(WORK TO COMPLETE):
Transcribe each record exactly, but omit pictures.

Dataset records:
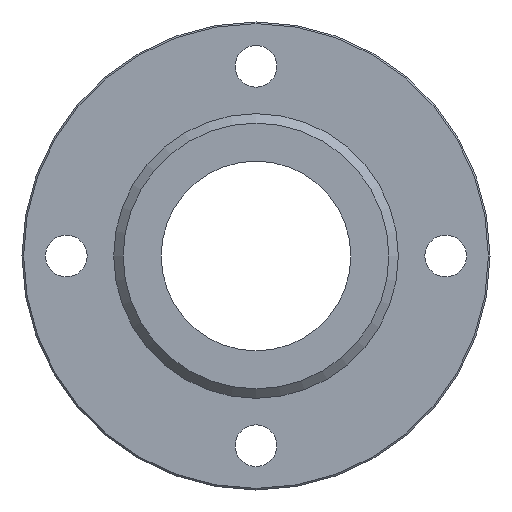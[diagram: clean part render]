
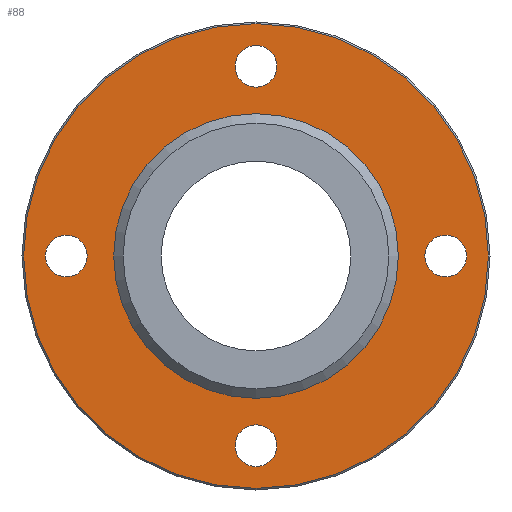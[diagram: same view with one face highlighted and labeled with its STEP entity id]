
A CAD part, left-side view. The second image highlights one B-rep face of the part: STEP entity #88.
In plain terms, the highlighted planar face has unit normal (-1, 0, 0).
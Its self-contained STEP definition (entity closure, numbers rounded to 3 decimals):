
#88=ADVANCED_FACE('',(#143,#144,#145,#146,#147,#148),#149,.F.);
#143=FACE_OUTER_BOUND('',#223,.T.);
#144=FACE_BOUND('',#224,.T.);
#145=FACE_BOUND('',#225,.T.);
#146=FACE_BOUND('',#226,.T.);
#147=FACE_BOUND('',#227,.T.);
#148=FACE_BOUND('',#228,.T.);
#149=PLANE('',#229);
#223=EDGE_LOOP('',(#329));
#224=EDGE_LOOP('',(#330));
#225=EDGE_LOOP('',(#331));
#226=EDGE_LOOP('',(#332));
#227=EDGE_LOOP('',(#333));
#228=EDGE_LOOP('',(#334));
#229=AXIS2_PLACEMENT_3D('',#335,#336,#337);
#329=ORIENTED_EDGE('',*,*,#405,.T.);
#330=ORIENTED_EDGE('',*,*,#406,.T.);
#331=ORIENTED_EDGE('',*,*,#407,.T.);
#332=ORIENTED_EDGE('',*,*,#408,.T.);
#333=ORIENTED_EDGE('',*,*,#409,.T.);
#334=ORIENTED_EDGE('',*,*,#396,.T.);
#335=CARTESIAN_POINT('',(-14.0,36.746,0.0));
#336=DIRECTION('',(1.0,0.0,0.0));
#337=DIRECTION('',(0.0,0.0,-1.0));
#396=EDGE_CURVE('',#432,#432,#433,.T.);
#405=EDGE_CURVE('',#450,#450,#451,.T.);
#406=EDGE_CURVE('',#452,#452,#453,.T.);
#407=EDGE_CURVE('',#454,#454,#455,.T.);
#408=EDGE_CURVE('',#456,#456,#457,.T.);
#409=EDGE_CURVE('',#458,#458,#459,.T.);
#432=VERTEX_POINT('',#488);
#433=CIRCLE('',#489,22.5);
#450=VERTEX_POINT('',#506);
#451=CIRCLE('',#507,36.746);
#452=VERTEX_POINT('',#508);
#453=CIRCLE('',#509,3.3);
#454=VERTEX_POINT('',#510);
#455=CIRCLE('',#511,3.3);
#456=VERTEX_POINT('',#512);
#457=CIRCLE('',#513,3.3);
#458=VERTEX_POINT('',#514);
#459=CIRCLE('',#515,3.3);
#488=CARTESIAN_POINT('',(-14.0,0.0,-22.5));
#489=AXIS2_PLACEMENT_3D('',#552,#553,#554);
#506=CARTESIAN_POINT('',(-14.0,0.0,36.746));
#507=AXIS2_PLACEMENT_3D('',#579,#580,#581);
#508=CARTESIAN_POINT('',(-14.0,30.0,-3.3));
#509=AXIS2_PLACEMENT_3D('',#582,#583,#584);
#510=CARTESIAN_POINT('',(-14.0,0.0,26.7));
#511=AXIS2_PLACEMENT_3D('',#585,#586,#587);
#512=CARTESIAN_POINT('',(-14.0,-30.0,-3.3));
#513=AXIS2_PLACEMENT_3D('',#588,#589,#590);
#514=CARTESIAN_POINT('',(-14.0,0.,-33.3));
#515=AXIS2_PLACEMENT_3D('',#591,#592,#593);
#552=CARTESIAN_POINT('',(-14.0,0.0,0.0));
#553=DIRECTION('',(1.0,0.0,0.0));
#554=DIRECTION('',(0.0,0.0,-1.0));
#579=CARTESIAN_POINT('',(-14.0,0.0,0.0));
#580=DIRECTION('',(-1.0,0.0,0.0));
#581=DIRECTION('',(0.0,0.0,1.0));
#582=CARTESIAN_POINT('',(-14.0,30.0,0.0));
#583=DIRECTION('',(1.0,0.0,0.0));
#584=DIRECTION('',(0.0,0.0,-1.0));
#585=CARTESIAN_POINT('',(-14.0,0.0,30.0));
#586=DIRECTION('',(1.0,0.0,0.0));
#587=DIRECTION('',(0.0,0.0,-1.0));
#588=CARTESIAN_POINT('',(-14.0,-30.0,0.));
#589=DIRECTION('',(1.0,0.0,0.0));
#590=DIRECTION('',(0.0,0.0,-1.0));
#591=CARTESIAN_POINT('',(-14.0,0.,-30.0));
#592=DIRECTION('',(1.0,0.0,0.0));
#593=DIRECTION('',(0.0,0.0,-1.0));

(RESULT OF THE EXERCISE):
[diagram: clean part render]
[diagram: same view with one face highlighted and labeled with its STEP entity id]
A CAD part, left-side view. The second image highlights one B-rep face of the part: STEP entity #88.
In plain terms, the highlighted planar face has unit normal (-1, 0, 0).
Its self-contained STEP definition (entity closure, numbers rounded to 3 decimals):
#88=ADVANCED_FACE('',(#143,#144,#145,#146,#147,#148),#149,.F.);
#143=FACE_OUTER_BOUND('',#223,.T.);
#144=FACE_BOUND('',#224,.T.);
#145=FACE_BOUND('',#225,.T.);
#146=FACE_BOUND('',#226,.T.);
#147=FACE_BOUND('',#227,.T.);
#148=FACE_BOUND('',#228,.T.);
#149=PLANE('',#229);
#223=EDGE_LOOP('',(#329));
#224=EDGE_LOOP('',(#330));
#225=EDGE_LOOP('',(#331));
#226=EDGE_LOOP('',(#332));
#227=EDGE_LOOP('',(#333));
#228=EDGE_LOOP('',(#334));
#229=AXIS2_PLACEMENT_3D('',#335,#336,#337);
#329=ORIENTED_EDGE('',*,*,#405,.T.);
#330=ORIENTED_EDGE('',*,*,#406,.T.);
#331=ORIENTED_EDGE('',*,*,#407,.T.);
#332=ORIENTED_EDGE('',*,*,#408,.T.);
#333=ORIENTED_EDGE('',*,*,#409,.T.);
#334=ORIENTED_EDGE('',*,*,#396,.T.);
#335=CARTESIAN_POINT('',(-14.0,36.746,0.0));
#336=DIRECTION('',(1.0,0.0,0.0));
#337=DIRECTION('',(0.0,0.0,-1.0));
#396=EDGE_CURVE('',#432,#432,#433,.T.);
#405=EDGE_CURVE('',#450,#450,#451,.T.);
#406=EDGE_CURVE('',#452,#452,#453,.T.);
#407=EDGE_CURVE('',#454,#454,#455,.T.);
#408=EDGE_CURVE('',#456,#456,#457,.T.);
#409=EDGE_CURVE('',#458,#458,#459,.T.);
#432=VERTEX_POINT('',#488);
#433=CIRCLE('',#489,22.5);
#450=VERTEX_POINT('',#506);
#451=CIRCLE('',#507,36.746);
#452=VERTEX_POINT('',#508);
#453=CIRCLE('',#509,3.3);
#454=VERTEX_POINT('',#510);
#455=CIRCLE('',#511,3.3);
#456=VERTEX_POINT('',#512);
#457=CIRCLE('',#513,3.3);
#458=VERTEX_POINT('',#514);
#459=CIRCLE('',#515,3.3);
#488=CARTESIAN_POINT('',(-14.0,0.0,-22.5));
#489=AXIS2_PLACEMENT_3D('',#552,#553,#554);
#506=CARTESIAN_POINT('',(-14.0,0.0,36.746));
#507=AXIS2_PLACEMENT_3D('',#579,#580,#581);
#508=CARTESIAN_POINT('',(-14.0,30.0,-3.3));
#509=AXIS2_PLACEMENT_3D('',#582,#583,#584);
#510=CARTESIAN_POINT('',(-14.0,0.0,26.7));
#511=AXIS2_PLACEMENT_3D('',#585,#586,#587);
#512=CARTESIAN_POINT('',(-14.0,-30.0,-3.3));
#513=AXIS2_PLACEMENT_3D('',#588,#589,#590);
#514=CARTESIAN_POINT('',(-14.0,0.,-33.3));
#515=AXIS2_PLACEMENT_3D('',#591,#592,#593);
#552=CARTESIAN_POINT('',(-14.0,0.0,0.0));
#553=DIRECTION('',(1.0,0.0,0.0));
#554=DIRECTION('',(0.0,0.0,-1.0));
#579=CARTESIAN_POINT('',(-14.0,0.0,0.0));
#580=DIRECTION('',(-1.0,0.0,0.0));
#581=DIRECTION('',(0.0,0.0,1.0));
#582=CARTESIAN_POINT('',(-14.0,30.0,0.0));
#583=DIRECTION('',(1.0,0.0,0.0));
#584=DIRECTION('',(0.0,0.0,-1.0));
#585=CARTESIAN_POINT('',(-14.0,0.0,30.0));
#586=DIRECTION('',(1.0,0.0,0.0));
#587=DIRECTION('',(0.0,0.0,-1.0));
#588=CARTESIAN_POINT('',(-14.0,-30.0,0.));
#589=DIRECTION('',(1.0,0.0,0.0));
#590=DIRECTION('',(0.0,0.0,-1.0));
#591=CARTESIAN_POINT('',(-14.0,0.,-30.0));
#592=DIRECTION('',(1.0,0.0,0.0));
#593=DIRECTION('',(0.0,0.0,-1.0));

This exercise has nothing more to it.